• _EXTRACTED ENTRIES_:

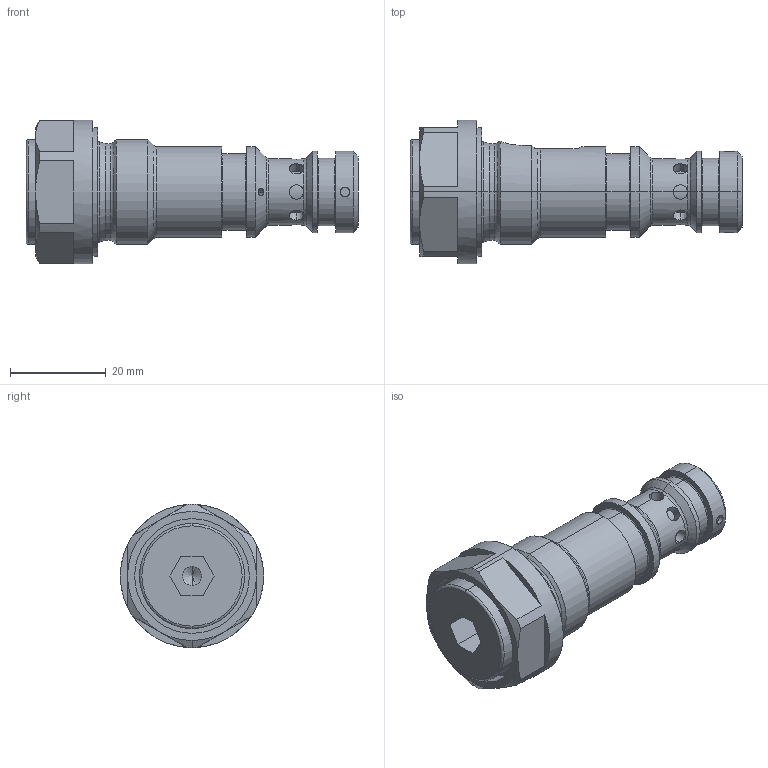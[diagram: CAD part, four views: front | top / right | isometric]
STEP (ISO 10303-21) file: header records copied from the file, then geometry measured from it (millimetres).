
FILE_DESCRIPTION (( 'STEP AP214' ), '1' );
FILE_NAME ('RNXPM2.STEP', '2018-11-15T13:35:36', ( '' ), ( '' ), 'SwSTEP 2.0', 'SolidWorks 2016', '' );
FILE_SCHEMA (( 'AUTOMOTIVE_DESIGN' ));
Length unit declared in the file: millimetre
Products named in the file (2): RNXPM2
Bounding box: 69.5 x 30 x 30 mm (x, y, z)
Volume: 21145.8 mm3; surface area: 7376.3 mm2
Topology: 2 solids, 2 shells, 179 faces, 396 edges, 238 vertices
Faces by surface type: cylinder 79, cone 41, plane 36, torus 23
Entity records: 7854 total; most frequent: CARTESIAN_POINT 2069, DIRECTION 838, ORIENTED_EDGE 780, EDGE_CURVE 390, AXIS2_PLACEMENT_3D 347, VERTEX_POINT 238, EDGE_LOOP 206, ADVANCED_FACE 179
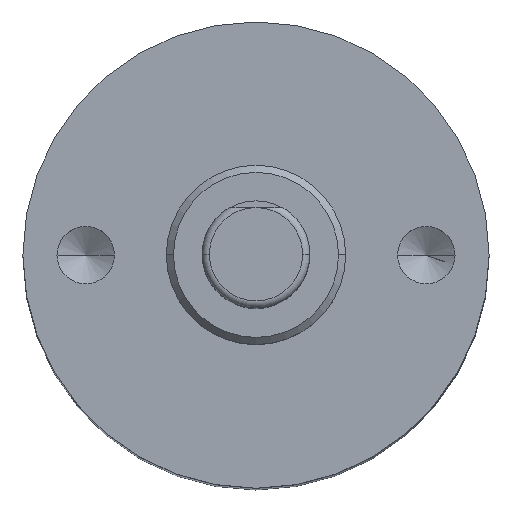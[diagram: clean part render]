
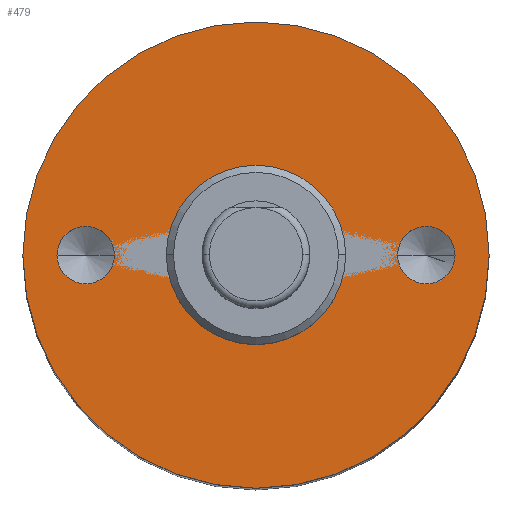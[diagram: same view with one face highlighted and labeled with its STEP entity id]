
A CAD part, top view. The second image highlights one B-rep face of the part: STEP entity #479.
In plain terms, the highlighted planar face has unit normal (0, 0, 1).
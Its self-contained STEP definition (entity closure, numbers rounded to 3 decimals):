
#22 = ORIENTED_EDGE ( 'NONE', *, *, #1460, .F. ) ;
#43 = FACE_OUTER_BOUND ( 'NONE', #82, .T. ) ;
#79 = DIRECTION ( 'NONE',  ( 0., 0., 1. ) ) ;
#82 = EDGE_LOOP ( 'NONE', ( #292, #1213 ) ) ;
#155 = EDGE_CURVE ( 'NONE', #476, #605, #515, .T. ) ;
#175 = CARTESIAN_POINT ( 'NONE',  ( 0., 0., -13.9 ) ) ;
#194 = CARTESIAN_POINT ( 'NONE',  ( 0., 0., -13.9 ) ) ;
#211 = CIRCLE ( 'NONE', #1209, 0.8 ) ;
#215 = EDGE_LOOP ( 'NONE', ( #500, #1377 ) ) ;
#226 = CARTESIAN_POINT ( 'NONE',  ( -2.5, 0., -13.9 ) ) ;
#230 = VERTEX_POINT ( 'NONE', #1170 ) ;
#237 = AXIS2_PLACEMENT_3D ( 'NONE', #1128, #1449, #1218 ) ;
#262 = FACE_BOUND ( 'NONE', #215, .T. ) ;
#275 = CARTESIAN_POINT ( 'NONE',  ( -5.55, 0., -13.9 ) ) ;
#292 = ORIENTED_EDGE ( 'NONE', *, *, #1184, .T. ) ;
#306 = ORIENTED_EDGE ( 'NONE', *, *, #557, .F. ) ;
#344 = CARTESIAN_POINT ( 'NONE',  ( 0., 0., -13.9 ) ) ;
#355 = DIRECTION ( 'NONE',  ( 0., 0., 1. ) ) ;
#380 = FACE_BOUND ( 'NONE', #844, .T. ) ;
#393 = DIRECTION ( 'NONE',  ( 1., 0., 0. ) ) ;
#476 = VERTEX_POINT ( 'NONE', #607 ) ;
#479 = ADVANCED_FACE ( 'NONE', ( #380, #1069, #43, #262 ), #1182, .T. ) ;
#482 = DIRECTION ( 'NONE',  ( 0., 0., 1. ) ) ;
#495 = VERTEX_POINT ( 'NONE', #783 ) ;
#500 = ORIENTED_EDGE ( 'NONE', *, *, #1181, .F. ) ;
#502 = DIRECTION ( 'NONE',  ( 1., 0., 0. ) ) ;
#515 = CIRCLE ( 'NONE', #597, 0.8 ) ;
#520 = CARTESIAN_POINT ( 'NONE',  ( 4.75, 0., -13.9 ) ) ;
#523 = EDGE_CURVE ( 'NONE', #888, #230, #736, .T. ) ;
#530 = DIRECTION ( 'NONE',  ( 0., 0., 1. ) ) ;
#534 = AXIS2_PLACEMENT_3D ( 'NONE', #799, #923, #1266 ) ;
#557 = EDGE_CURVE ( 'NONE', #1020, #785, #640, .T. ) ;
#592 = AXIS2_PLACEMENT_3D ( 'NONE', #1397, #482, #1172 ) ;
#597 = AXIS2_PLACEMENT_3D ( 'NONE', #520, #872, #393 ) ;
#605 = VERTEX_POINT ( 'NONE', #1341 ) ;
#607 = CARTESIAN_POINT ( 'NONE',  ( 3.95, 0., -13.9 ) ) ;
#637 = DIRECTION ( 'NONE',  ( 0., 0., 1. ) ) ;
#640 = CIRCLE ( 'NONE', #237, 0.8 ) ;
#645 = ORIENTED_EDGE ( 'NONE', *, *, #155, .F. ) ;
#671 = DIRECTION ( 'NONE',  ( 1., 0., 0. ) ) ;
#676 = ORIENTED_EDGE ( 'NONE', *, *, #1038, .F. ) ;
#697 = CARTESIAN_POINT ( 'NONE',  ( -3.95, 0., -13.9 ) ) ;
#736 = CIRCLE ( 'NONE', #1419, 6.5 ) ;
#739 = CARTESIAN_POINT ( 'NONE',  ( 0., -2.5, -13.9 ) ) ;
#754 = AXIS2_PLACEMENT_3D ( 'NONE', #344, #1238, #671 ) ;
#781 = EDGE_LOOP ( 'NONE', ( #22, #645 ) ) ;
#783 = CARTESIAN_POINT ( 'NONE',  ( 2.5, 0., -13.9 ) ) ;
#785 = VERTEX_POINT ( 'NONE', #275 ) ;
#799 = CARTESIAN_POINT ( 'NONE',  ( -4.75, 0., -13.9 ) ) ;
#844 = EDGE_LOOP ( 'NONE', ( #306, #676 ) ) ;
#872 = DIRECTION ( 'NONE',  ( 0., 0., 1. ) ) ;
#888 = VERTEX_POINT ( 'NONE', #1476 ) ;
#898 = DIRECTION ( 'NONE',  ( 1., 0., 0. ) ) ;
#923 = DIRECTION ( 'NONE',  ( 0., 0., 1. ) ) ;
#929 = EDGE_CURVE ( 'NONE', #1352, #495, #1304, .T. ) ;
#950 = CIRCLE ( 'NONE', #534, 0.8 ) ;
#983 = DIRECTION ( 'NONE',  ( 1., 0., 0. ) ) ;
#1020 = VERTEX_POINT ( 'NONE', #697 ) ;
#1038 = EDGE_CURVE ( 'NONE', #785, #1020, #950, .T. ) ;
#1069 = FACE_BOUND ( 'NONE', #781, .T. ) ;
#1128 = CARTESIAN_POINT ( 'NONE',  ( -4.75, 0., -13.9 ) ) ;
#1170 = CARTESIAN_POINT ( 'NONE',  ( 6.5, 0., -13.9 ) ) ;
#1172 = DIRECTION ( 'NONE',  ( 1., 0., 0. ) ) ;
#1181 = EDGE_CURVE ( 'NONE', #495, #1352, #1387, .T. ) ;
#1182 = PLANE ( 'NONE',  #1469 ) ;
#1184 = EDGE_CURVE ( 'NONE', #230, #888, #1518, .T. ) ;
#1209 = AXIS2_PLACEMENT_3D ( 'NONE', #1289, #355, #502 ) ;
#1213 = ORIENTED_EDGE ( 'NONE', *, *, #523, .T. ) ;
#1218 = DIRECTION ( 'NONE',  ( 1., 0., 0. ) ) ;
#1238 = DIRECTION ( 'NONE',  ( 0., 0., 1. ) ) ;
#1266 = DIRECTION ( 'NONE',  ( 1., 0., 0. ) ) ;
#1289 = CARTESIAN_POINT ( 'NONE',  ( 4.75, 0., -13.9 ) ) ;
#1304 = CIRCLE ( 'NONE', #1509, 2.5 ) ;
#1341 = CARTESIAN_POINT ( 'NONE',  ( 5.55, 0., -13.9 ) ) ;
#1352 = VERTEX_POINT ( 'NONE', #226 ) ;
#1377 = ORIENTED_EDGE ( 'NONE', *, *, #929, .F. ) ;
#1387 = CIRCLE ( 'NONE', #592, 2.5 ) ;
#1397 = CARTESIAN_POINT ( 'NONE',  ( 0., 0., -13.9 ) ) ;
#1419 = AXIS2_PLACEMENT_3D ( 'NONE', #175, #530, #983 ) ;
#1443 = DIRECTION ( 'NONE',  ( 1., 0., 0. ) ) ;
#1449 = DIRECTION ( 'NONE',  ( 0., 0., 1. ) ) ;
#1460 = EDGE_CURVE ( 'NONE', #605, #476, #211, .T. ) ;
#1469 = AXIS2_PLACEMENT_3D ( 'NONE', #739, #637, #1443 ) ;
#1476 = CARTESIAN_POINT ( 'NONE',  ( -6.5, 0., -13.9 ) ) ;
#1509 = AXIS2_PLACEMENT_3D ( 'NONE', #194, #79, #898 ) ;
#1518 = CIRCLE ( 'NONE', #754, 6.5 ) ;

• _ACTIVITY_: What you give back must be the stretch above, starting at the line with "#637 = DIRECTION" and ending at the line with "#1449 = DIRECTION", copied exactly.

• _SOLVED EXERCISE_:
#637 = DIRECTION ( 'NONE',  ( 0., 0., 1. ) ) ;
#640 = CIRCLE ( 'NONE', #237, 0.8 ) ;
#645 = ORIENTED_EDGE ( 'NONE', *, *, #155, .F. ) ;
#671 = DIRECTION ( 'NONE',  ( 1., 0., 0. ) ) ;
#676 = ORIENTED_EDGE ( 'NONE', *, *, #1038, .F. ) ;
#697 = CARTESIAN_POINT ( 'NONE',  ( -3.95, 0., -13.9 ) ) ;
#736 = CIRCLE ( 'NONE', #1419, 6.5 ) ;
#739 = CARTESIAN_POINT ( 'NONE',  ( 0., -2.5, -13.9 ) ) ;
#754 = AXIS2_PLACEMENT_3D ( 'NONE', #344, #1238, #671 ) ;
#781 = EDGE_LOOP ( 'NONE', ( #22, #645 ) ) ;
#783 = CARTESIAN_POINT ( 'NONE',  ( 2.5, 0., -13.9 ) ) ;
#785 = VERTEX_POINT ( 'NONE', #275 ) ;
#799 = CARTESIAN_POINT ( 'NONE',  ( -4.75, 0., -13.9 ) ) ;
#844 = EDGE_LOOP ( 'NONE', ( #306, #676 ) ) ;
#872 = DIRECTION ( 'NONE',  ( 0., 0., 1. ) ) ;
#888 = VERTEX_POINT ( 'NONE', #1476 ) ;
#898 = DIRECTION ( 'NONE',  ( 1., 0., 0. ) ) ;
#923 = DIRECTION ( 'NONE',  ( 0., 0., 1. ) ) ;
#929 = EDGE_CURVE ( 'NONE', #1352, #495, #1304, .T. ) ;
#950 = CIRCLE ( 'NONE', #534, 0.8 ) ;
#983 = DIRECTION ( 'NONE',  ( 1., 0., 0. ) ) ;
#1020 = VERTEX_POINT ( 'NONE', #697 ) ;
#1038 = EDGE_CURVE ( 'NONE', #785, #1020, #950, .T. ) ;
#1069 = FACE_BOUND ( 'NONE', #781, .T. ) ;
#1128 = CARTESIAN_POINT ( 'NONE',  ( -4.75, 0., -13.9 ) ) ;
#1170 = CARTESIAN_POINT ( 'NONE',  ( 6.5, 0., -13.9 ) ) ;
#1172 = DIRECTION ( 'NONE',  ( 1., 0., 0. ) ) ;
#1181 = EDGE_CURVE ( 'NONE', #495, #1352, #1387, .T. ) ;
#1182 = PLANE ( 'NONE',  #1469 ) ;
#1184 = EDGE_CURVE ( 'NONE', #230, #888, #1518, .T. ) ;
#1209 = AXIS2_PLACEMENT_3D ( 'NONE', #1289, #355, #502 ) ;
#1213 = ORIENTED_EDGE ( 'NONE', *, *, #523, .T. ) ;
#1218 = DIRECTION ( 'NONE',  ( 1., 0., 0. ) ) ;
#1238 = DIRECTION ( 'NONE',  ( 0., 0., 1. ) ) ;
#1266 = DIRECTION ( 'NONE',  ( 1., 0., 0. ) ) ;
#1289 = CARTESIAN_POINT ( 'NONE',  ( 4.75, 0., -13.9 ) ) ;
#1304 = CIRCLE ( 'NONE', #1509, 2.5 ) ;
#1341 = CARTESIAN_POINT ( 'NONE',  ( 5.55, 0., -13.9 ) ) ;
#1352 = VERTEX_POINT ( 'NONE', #226 ) ;
#1377 = ORIENTED_EDGE ( 'NONE', *, *, #929, .F. ) ;
#1387 = CIRCLE ( 'NONE', #592, 2.5 ) ;
#1397 = CARTESIAN_POINT ( 'NONE',  ( 0., 0., -13.9 ) ) ;
#1419 = AXIS2_PLACEMENT_3D ( 'NONE', #175, #530, #983 ) ;
#1443 = DIRECTION ( 'NONE',  ( 1., 0., 0. ) ) ;
#1449 = DIRECTION ( 'NONE',  ( 0., 0., 1. ) ) ;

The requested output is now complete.